Another method that we can pull from to carry out quantitative research is through secondary data analysis.  There is a tremendous amount of research done each year that makes use of this method. This type of research uses pre-existing data to perform the study in question rather than going out and collecting new data for the inquiry. In effect, the data have already been collected but they will be analyzed in a different way or can be used to answer a different research question than was originally intended by those who collected the data in the first place. This happens all of the time and it's a great way to do research.

The major types of secondary data analysis used in social science research include:

· Surveys

· official statistics

· official records

· historical documents

The most common sources of secondary data are social science survey data collected in studies funded by federal and state government. Other common sources include official records maintained by government agencies for administrative, rather than research, purposes - for example, police department arrest data. (Data such as this may also still need IRB approval!) Often what happens is a government agency - like the National Institute of Justice - will fund data collection and research. After the data is collected and several reports are written, the government agency then asks for a clean set of the data collected; they then hold this for other researchers that may want to analyze the data. Other researchers can request a portion of the data to answer certain research questions. In fact, the government agency encourages use of the data to help with our understanding of various social science and social policy questions. They will even sometimes fund researchers' projects that analyze secondary data.

Validity and Reliability

You should know by now that validity and reliability are two very important research terms. To assess validity in a study we are essentially asking if we are studying what we think we are studying? Are we measuring what we think we are and do our measures really represent the concepts that we think they do?

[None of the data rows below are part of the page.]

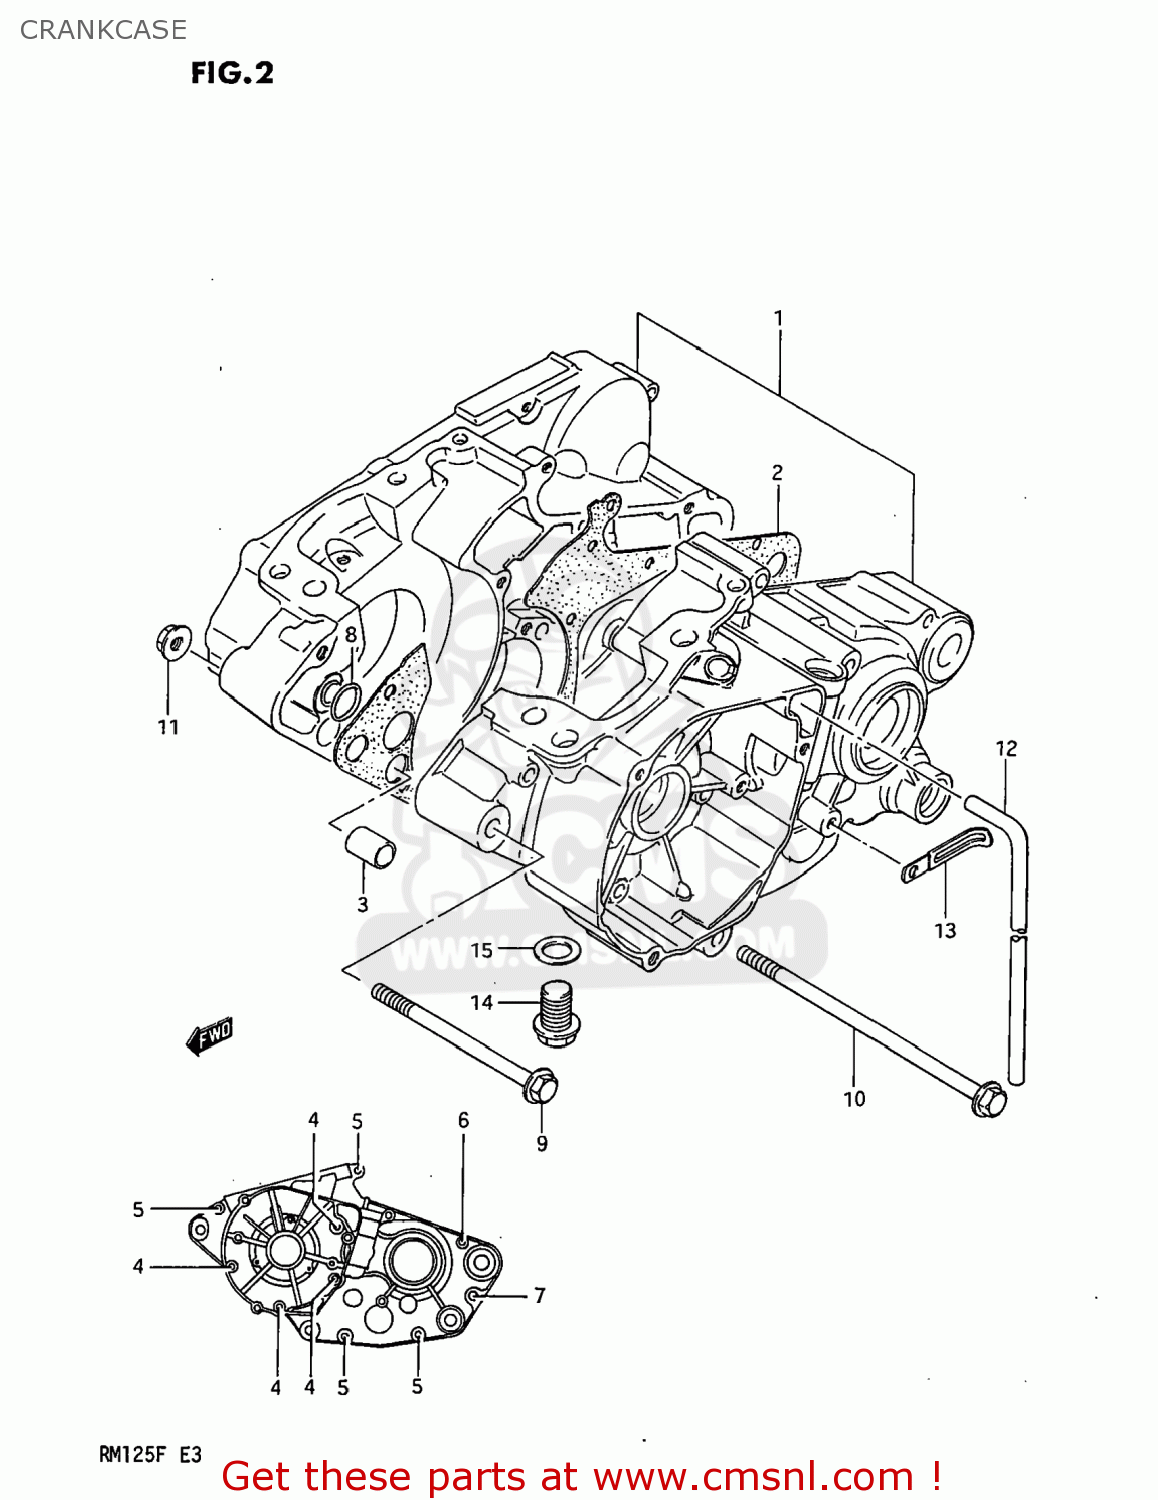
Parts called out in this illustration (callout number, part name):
1	CRANKCASE SET
2	GASKET,CRANKCASE (MCA)
3	PIN
4	SCREW
5	SCREW
6	SCREW
7	SCREW
8	O RING(D:1.9,ID:13.8)
9	BOLT(8X95)
10	BOLT(8X150)
11	NUT
12	HOSE
13	CLAMP
14	PLUG
15	GASKET(14X19.2X2) (NAS)

Reliability is achieved when a measure or study yields consistent scores or observations on different occasions and/or different locations (city to city for example).  Basically we're concerned with the consistency of the measures that are in use (Bryman, 2012).  A study and or measure must be reliable in order to be valid.

Some options for testing reliability include:

TEST-RETEST METHOD (STABILITY)

Where a study or measure obtains the same results at two different times.

INTER-ITEM (INTERNAL RELIABILITY)

When we use multiple items to measure a single concept.

ALTERNATE FORMS

Compare slightly different versions of measures.

INTER-OBSERVER CONSISTENCY

Use more than one observer to measure the same thing.

Validity refers to whether or not the test measures what we think it measures.  There are a number of ways to determine measurement validity including face validity, concurrent validity, predictive validity, construct validity and convergent validity (Bryman, 2012).  Face validity is what researchers need to establish within their work as this basically shows that you are "getting at the concept that is the focus of attention." (Bryman, 2012, p. 171). 

Conclusion

In this lesson, we moved into quantitative analysis which involves the techniques by which researchers convert data into a numerical form and subject it to statistical analyses. In the next lesson, we will start thinking about how we'll be working with our data.

References

Bachman, Robert and Russell K. Schutt. (2012). Fundamentals of Research in Criminology and Criminal Justice.  Thousand Oaks, California: Sage.

Bryman, Alan. (2012). Social Research Methods 4th ed. New York: Oxford University Press.